Alexandru Nicolae (Iorgu Iordan – Al. Rosetti Institute of Linguistics / University of Bucharest)
Old Romanian discontinuous nominal constituents and their theoretical relevance
A well-known fact about the medieval phase of the Romance languages is that they residually attest discontinuous nominal constituents (hyperbata, in traditional philological terminology) (see Ledgeway 2012, 2018 and references therein). The examination of Old Romanian reveals a previously unnoticed fact about the internal syntax of these constructions, namely that discontinuous DPs are available even when the DP is definite, as illustrated by (1) below:
(1) [A duhului svântu]I dă-ne [DP ti darurile]
al.inv spirt.def.gen holy give.imp.2sg=cl.dat.1pl gifts.def.acc
‘Give us the gifts of the holy spirit’ (old Romanian; FT.1571-5:2r)

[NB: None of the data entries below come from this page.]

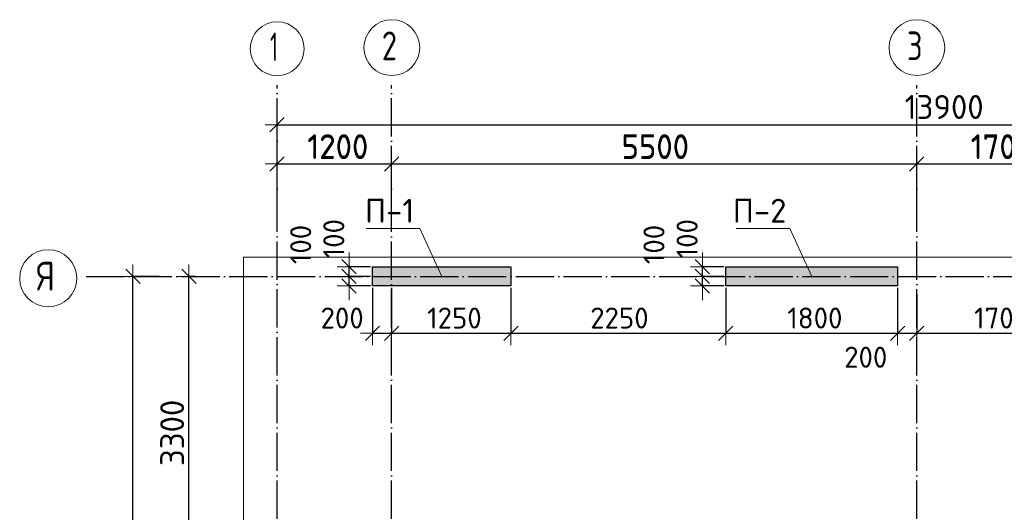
# Model space of a CAD drawing. Header units: millimetres. Extents: x -2725 to 87801, y 44707 to 71266.
# Tile 15 of 22: x 27305 to 37617, y 65311 to 70465. Entities that reach past the tile are written whole.
import ezdxf

# ---------------------------------------------------------------- set-up
doc = ezdxf.new("R2010")
doc.units = ezdxf.units.MM
doc.header["$PDMODE"] = 65
for name, pattern in [('______11', [500, 400, -50, 0, -50]), ('______3', [500, 400, -100]), ('______5', [1100, 800, -100, 100, -100])]:
    doc.linetypes.add(name, pattern=pattern)
for name, color, linetype, lineweight in [('Standard', 7, 'Continuous', 25), ('Балка_ общее', 7, '______3', 13), ('Высотная отметка (отверстия)', 7, 'Continuous', 13), ('Размерная линия_ общее', 7, 'Continuous', 13)]:
    doc.layers.add(name, color=color, linetype=linetype, lineweight=lineweight)
doc.layers.add('Осевая линия_ общее', color=7, linetype='______5', lineweight=13, true_color=0xa0a0a0)
doc.styles.add('ISOCPEUR', font='ISOCPEUR')
doc.dimstyles.new('DIMSTYLE_10', dxfattribs={"dimtxt": 220, "dimasz": 250, "dimexe": 0, "dimexo": 0, "dimgap": 110, "dimtad": 2, "dimdec": 0, "dimrnd": 5, "dimzin": 12, "dimdsep": 46, "dimtxsty": 'ISOCPEUR', "dimblk1": 'ALL_ML_STRICH', "dimblk2": 'ALL_ML_STRICH', "dimsah": 1, "dimcen": 0, "dimclrd": 7, "dimclre": 256, "dimclrt": 7, "dimadec": 0, "dimazin": 0, "dimtfac": 1, "dimtdec": 0, "dimtix": 1, "dimtmove": 2, "dimatfit": 3, "dimfxl": 0, "dimtzin": 0, "dimlwd": 0, "dimlwe": -3, "dimarcsym": 0})
doc.dimstyles.new('DIMSTYLE_11', dxfattribs={"dimtxt": 220, "dimasz": 250, "dimexe": 0, "dimexo": 0, "dimgap": 110, "dimtad": 0, "dimdec": 0, "dimrnd": 5, "dimzin": 12, "dimdsep": 46, "dimtxsty": 'ISOCPEUR', "dimblk1": 'ALL_ML_STRICH', "dimblk2": 'ALL_ML_STRICH', "dimsah": 1, "dimcen": 0, "dimclrd": 7, "dimclre": 256, "dimclrt": 7, "dimadec": 0, "dimazin": 0, "dimtfac": 1, "dimtdec": 0, "dimtix": 1, "dimtmove": 2, "dimatfit": 3, "dimfxl": 0, "dimtvp": 1.2, "dimtzin": 0, "dimlwd": 0, "dimlwe": -3, "dimarcsym": 0})
doc.dimstyles.new('DIMSTYLE_13', dxfattribs={"dimtxt": 220, "dimasz": 250, "dimexe": 0, "dimexo": 0, "dimgap": 110, "dimtad": 2, "dimdec": 0, "dimrnd": 5, "dimzin": 12, "dimdsep": 46, "dimtxsty": 'ISOCPEUR', "dimblk1": 'ALL_ML_STRICH', "dimblk2": 'ALL_ML_STRICH', "dimsah": 1, "dimcen": 0, "dimclrd": 7, "dimclre": 256, "dimclrt": 7, "dimadec": 0, "dimazin": 0, "dimtfac": 1, "dimtdec": 0, "dimtix": 1, "dimtmove": 2, "dimatfit": 3, "dimfxl": 0, "dimtvp": 1.2, "dimtzin": 0, "dimlwd": 0, "dimlwe": -3, "dimarcsym": 0})
doc.dimstyles.new('DIMSTYLE_2', dxfattribs={"dimtxt": 250, "dimasz": 250, "dimexe": 0, "dimexo": 0, "dimgap": 125, "dimtad": 2, "dimdec": 0, "dimrnd": 5, "dimzin": 12, "dimdsep": 46, "dimtxsty": 'ISOCPEUR', "dimblk1": 'ALL_ML_STRICH', "dimblk2": 'ALL_ML_STRICH', "dimsah": 1, "dimcen": 0, "dimclrd": 7, "dimclre": 256, "dimclrt": 7, "dimadec": 0, "dimazin": 0, "dimtfac": 1, "dimtdec": 0, "dimtix": 1, "dimtmove": 2, "dimatfit": 3, "dimfxl": 0, "dimtzin": 0, "dimlwd": 0, "dimlwe": -3, "dimarcsym": 0})
doc.dimstyles.new('DIMSTYLE_3', dxfattribs={"dimtxt": 250, "dimasz": 250, "dimexe": 0, "dimexo": 0, "dimgap": 125, "dimtad": 2, "dimdec": 0, "dimrnd": 5, "dimzin": 12, "dimdsep": 46, "dimtxsty": 'ISOCPEUR', "dimblk1": 'ALL_ML_STRICH', "dimblk2": 'ALL_ML_STRICH', "dimsah": 1, "dimcen": 0, "dimclrd": 7, "dimclre": 256, "dimclrt": 7, "dimadec": 0, "dimazin": 0, "dimtfac": 1, "dimtdec": 0, "dimtix": 1, "dimtmove": 2, "dimatfit": 3, "dimfxl": 0, "dimtzin": 0, "dimlwd": 0, "dimlwe": -3, "dimarcsym": 0})
doc.dimstyles.new('DIMSTYLE_8', dxfattribs={"dimtxt": 220, "dimasz": 250, "dimexe": 0, "dimexo": 0, "dimgap": 110, "dimtad": 2, "dimdec": 0, "dimrnd": 5, "dimzin": 12, "dimdsep": 46, "dimtxsty": 'ISOCPEUR', "dimblk1": 'ALL_ML_STRICH', "dimblk2": 'ALL_ML_STRICH', "dimsah": 1, "dimcen": 0, "dimclrd": 7, "dimclre": 256, "dimclrt": 7, "dimadec": 0, "dimazin": 0, "dimtfac": 1, "dimtdec": 0, "dimtix": 1, "dimtmove": 2, "dimatfit": 3, "dimfxl": 0, "dimtvp": 1.2, "dimtzin": 0, "dimlwd": 0, "dimlwe": -3, "dimarcsym": 0})
doc.dimstyles.new('DIMSTYLE_9', dxfattribs={"dimtxt": 220, "dimasz": 250, "dimexe": 0, "dimexo": 0, "dimgap": 110, "dimtad": 2, "dimdec": 0, "dimrnd": 5, "dimzin": 12, "dimdsep": 46, "dimtxsty": 'ISOCPEUR', "dimblk1": 'ALL_ML_STRICH', "dimblk2": 'ALL_ML_STRICH', "dimsah": 1, "dimcen": 0, "dimclrd": 7, "dimclre": 256, "dimclrt": 7, "dimadec": 0, "dimazin": 0, "dimtfac": 1, "dimtdec": 0, "dimtix": 1, "dimtmove": 2, "dimatfit": 3, "dimfxl": 0, "dimtzin": 0, "dimlwd": 0, "dimlwe": -3, "dimarcsym": 0})

# ---------------------------------------------------------------- blocks, each defined once
blk = doc.blocks.new('ALL_ML_STRICH')
at = {"color": 0, "linetype": 'ByBlock', "lineweight": -2}
for p, q in [((0, -0.5), (0, 0.5)), ((-1, 0), (0.5, 0)), ((-0.3, -0.3), (0.3, 0.3))]:
    blk.add_line(p, q, dxfattribs=at)
blk = doc.blocks.new('*D4')
at = {"layer": 'DEFPOINTS', "color": 7, "linetype": 'Continuous', "lineweight": 13, "transparency": 33554687}
for p in [(30000, 69367), (43900, 69206), (30000, 69000)]:
    blk.add_point(p, dxfattribs=at)
at = {"layer": 'Балка_ общее', "color": 251, "linetype": 'Continuous', "lineweight": -2, "true_color": 0x656565, "transparency": 33554687}
for p, q in [((30000, 69010), (30000, 69367)), ((43900, 69196), (43900, 69367))]:
    blk.add_line(p, q, dxfattribs=at)
at = {"layer": 'Балка_ общее', "color": 7, "linetype": 'Continuous', "lineweight": -2, "transparency": 33554687}
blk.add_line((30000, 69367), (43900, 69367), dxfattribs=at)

Data like those in (1) stand in need of an analysis because they go against generalisations previously established in the literature. The (un)availability of discontinuous DPs has been generally related in traditional scholarship and in more recent work in generative grammar (e.g. Bošković 2005, 2009, Bošković and Gajewski 2011) to the absence of articles; in a nutshell, there is a distinction between NP-languages (Latin) and DP-languages (Romance), and syntactic discontinuity is available only in the former type, as the barierhood effect instantiated by the projection of the DP-layer is absent in NP-languages. By contrast, Ledgeway (2012, 2018) argues that the availability of discontinuous DPs (and other hyperbata), along with edge-fronting, is related to the head-directionality parameter: the existence of head-finality in a given grammar allows for the fronting to the edge of DP-internal constituents and, upon reaching the DP-edge, for their further movement to different left-peripheral positions in the clausal domain, giving rise to discontinuous DPs (cf. Szabolcsi 1983 for Spec,DP as an escape hatch). The gist of Ledgeway’s analysis is that fronting to the DP-edge is based on the availability of short, antilocal movement; assuming Kayne’s (1994) antisymmetric model, head-final structures are derived from corresponding head-initial structures by moving the complement across the head to a derived inner specifier (i.e. roll-up movement). Defined as such, roll-up movement is by default an antilocal type of movement, hence the relation between movement to the DP-edge (and syntactic discontinuity) and head-finality.
In this paper, I bring evidence for the Ledgeway-style analysis and I show that the old Romanian data actually confirm that the relation between the development of articles and the disappearance of discontinuous constituents (in the passage from Latin to Romance) is at most epiphenomenal.
Selected references: Bošković, Ž (2009). ‘More on the no-DP analysis of article-less languages’; Bošković, Ž. (2005). ‘Left branch extraction, structure of NP, and scrambling’; Bošković, Ž., Gajewski, J. (2011). ‘Semantic correlates of the NP/DP parameter’; Cornilescu, Alexandra, Nicolae, A. (2011). ‘On the syntax of Romanian definite phrases: Changes in the patterns of definiteness checking’; Giusti, G. (2010). ‘Il sintagma aggettivale’; Iovino, R. (2016). ‘Osservazioni diacroniche sulle espressioni nominali discontinue dal latino alle lingue romanze’; Kayne, R. (1994). The Antisymmetry of Syntax; Koopman, H. (1996). ‘The Spec-Head configuration’; Ledgeway, A. (2012). From Latin to Romance. Morphosyntactic Typology and Change; Ledgeway, A. (2017). ‘The Romanian definite article in a comparative Romance perspective’; Ledgeway, A. (2018). ‘On the decline of edge-fronting from Latin to Romance’; Nicolae, A. (2015). ‘The parameter of definiteness: Diachronic and synchronic evidence’; Nicolae, A. (2019). Word Order and Parameter Change in Romanian; Pesetsky, D., Torrego, E. (2007). ‘The syntax of valuation and the interpretability of features’; Poletto, C. (2014). Word Order in Old Italian; Szabolcsi, A. (1983). ‘The possessor that ran away from home’; Williams, E. (1982). ‘Another argument that passive is transformational’; Zwarts, F. (1974). ‘On restricting base structure recursion in Dutch’.